Learn MoreHowever, not everyone is affected the same way. The effects of these drugs can vary based on the type and amount ingested, whether they are mixed with alcohol or other drugs, and individual factors such as weight, gender, and metabolism.
There are two main types of Drug Facilitated Sexual Assault: 3
Proactive DFSA: The perpetrator puts a drug into a victim’s drink or gives the victim alcohol until they become inebriated and incapacitated.
Opportunistic DFSA: The perpetrator targets an already intoxicated or incapacitated victim. Police most often encounter the ‘opportunistic’ type of DFSA.
Who is most vulnerable to DFSA?
Almost all victims of DFSA are women, with the majority being between the ages of 16 and 24. Many victims are employed, and about one-third are students. In half of reported DFSA cases, the victim was assaulted by a friend or acquaintance, often after socializing at a club, bar, lounge, restaurant, party, or other social event.4
Drug-facilitated sexual assault can happen to anyone, regardless of whether the perpetrator is a date, a stranger, an acquaintance, or someone well-known to the victim.

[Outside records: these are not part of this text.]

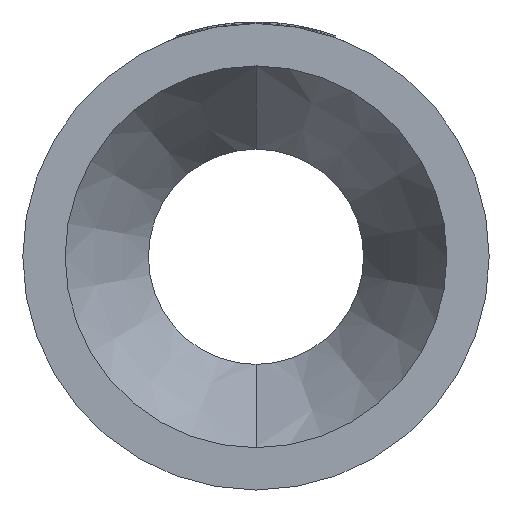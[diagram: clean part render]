
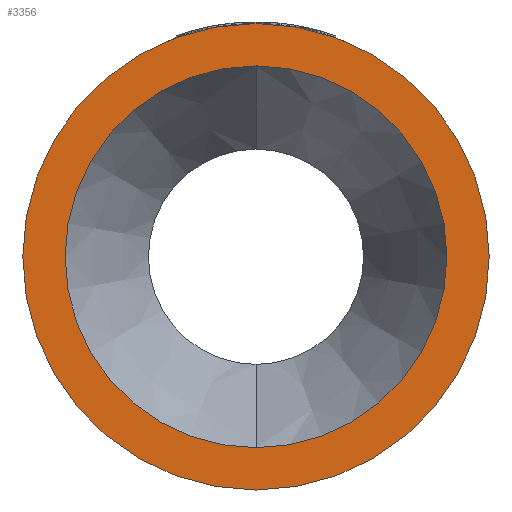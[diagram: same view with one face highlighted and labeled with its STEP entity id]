
A CAD part, left-side view. The second image highlights one B-rep face of the part: STEP entity #3356.
In plain terms, the highlighted planar face has unit normal (-1, 0, 0).
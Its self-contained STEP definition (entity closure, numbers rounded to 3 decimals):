
#4 = CARTESIAN_POINT ( 'NONE',  ( 0., 0., -57.3 ) ) ;
#13 = DIRECTION ( 'NONE',  ( 0., 0., 1. ) ) ;
#15 = DIRECTION ( 'NONE',  ( -1., 0., 0. ) ) ;
#16 = EDGE_CURVE ( 'NONE', #2027, #406, #2487, .T. ) ;
#22 = CARTESIAN_POINT ( 'NONE',  ( 0., 0., 0. ) ) ;
#61 = AXIS2_PLACEMENT_3D ( 'NONE', #22, #15, #13 ) ;
#312 = ORIENTED_EDGE ( 'NONE', *, *, #1810, .T. ) ;
#393 = DIRECTION ( 'NONE',  ( 0., 0., 1. ) ) ;
#406 = VERTEX_POINT ( 'NONE', #2151 ) ;
#407 = DIRECTION ( 'NONE',  ( -1., 0., 0. ) ) ;
#431 = CARTESIAN_POINT ( 'NONE',  ( 0., 0., 0. ) ) ;
#492 = AXIS2_PLACEMENT_3D ( 'NONE', #636, #635, #631 ) ;
#631 = DIRECTION ( 'NONE',  ( 0., 0., 1. ) ) ;
#635 = DIRECTION ( 'NONE',  ( -1., 0., 0. ) ) ;
#636 = CARTESIAN_POINT ( 'NONE',  ( 0., 0., 0. ) ) ;
#874 = ORIENTED_EDGE ( 'NONE', *, *, #2253, .T. ) ;
#900 = CIRCLE ( 'NONE', #492, 70. ) ;
#1034 = CIRCLE ( 'NONE', #61, 57.3 ) ;
#1329 = ORIENTED_EDGE ( 'NONE', *, *, #16, .F. ) ;
#1332 = ORIENTED_EDGE ( 'NONE', *, *, #2005, .F. ) ;
#1523 = EDGE_LOOP ( 'NONE', ( #312, #874 ) ) ;
#1588 = CARTESIAN_POINT ( 'NONE',  ( 0., 0., -70. ) ) ;
#1703 = DIRECTION ( 'NONE',  ( 0., 0., -1. ) ) ;
#1717 = AXIS2_PLACEMENT_3D ( 'NONE', #2627, #2615, #2568 ) ;
#1737 = DIRECTION ( 'NONE',  ( 1., 0., 0. ) ) ;
#1800 = CARTESIAN_POINT ( 'NONE',  ( 0., 57.3, 0. ) ) ;
#1810 = EDGE_CURVE ( 'NONE', #2807, #2314, #900, .T. ) ;
#1966 = PLANE ( 'NONE',  #2521 ) ;
#2005 = EDGE_CURVE ( 'NONE', #406, #2027, #1034, .T. ) ;
#2027 = VERTEX_POINT ( 'NONE', #4 ) ;
#2151 = CARTESIAN_POINT ( 'NONE',  ( 0., 0., 57.3 ) ) ;
#2253 = EDGE_CURVE ( 'NONE', #2314, #2807, #2873, .T. ) ;
#2314 = VERTEX_POINT ( 'NONE', #1588 ) ;
#2487 = CIRCLE ( 'NONE', #1717, 57.3 ) ;
#2521 = AXIS2_PLACEMENT_3D ( 'NONE', #1800, #1737, #1703 ) ;
#2568 = DIRECTION ( 'NONE',  ( 0., 0., 1. ) ) ;
#2615 = DIRECTION ( 'NONE',  ( -1., 0., 0. ) ) ;
#2627 = CARTESIAN_POINT ( 'NONE',  ( 0., 0., 0. ) ) ;
#2649 = FACE_OUTER_BOUND ( 'NONE', #1523, .T. ) ;
#2807 = VERTEX_POINT ( 'NONE', #2927 ) ;
#2873 = CIRCLE ( 'NONE', #3234, 70. ) ;
#2927 = CARTESIAN_POINT ( 'NONE',  ( 0., 0., 70. ) ) ;
#3087 = FACE_BOUND ( 'NONE', #3405, .T. ) ;
#3234 = AXIS2_PLACEMENT_3D ( 'NONE', #431, #407, #393 ) ;
#3356 = ADVANCED_FACE ( 'NONE', ( #3087, #2649 ), #1966, .F. ) ;
#3405 = EDGE_LOOP ( 'NONE', ( #1332, #1329 ) ) ;

Although the term “date rape” is often used, that expression is misleading because the circumstances in which these drugs are used often do NOT involve a dating situation.
It’s crucial to emphasize that it is NOT the victim’s fault; the attacker is the one who took advantage of the victim’s diminished capacity. 5
Recognizing the Symptoms of DFSA
Symptoms of drugging can resemble those of excessive drinking or purposefully mixing substances, leading to confusion about the cause.
Signs to watch for include: 6
- Sudden onset of feeling drunk after having consumed very little or no alcohol
- Sudden difficulty breathing
- Sudden dizziness, disorientation, or blurred vision
- Sudden nausea
- Sudden changes in body temperature, such as sweating or teeth chattering
- Waking up with no memory or missing large portions of memory
What to do if someone has been drugged?
If you notice any of the symptoms listed above in yourself or someone else, find a trusted person and get help immediately. Friends and bystanders are particularly important in situations when someone is vulnerable due to their level of intoxication, or if a person has been intentionally incapacitated by drugs in an attempt to facilitate sexual assault or other crimes. Impaired and incapacitated people are unable to advocate for and protect themselves. 7
Education is the key to protection
It’s important to educate young people about the risks and signs of DFSA. Conversations about awareness and safety should be ongoing, especially regarding situations where they are out with friends or at parties.
Encourage your kids to:
Keep an eye out for uncomfortable situations that might indicate someone is trying to facilitate sexual assault using alcohol or other drugs.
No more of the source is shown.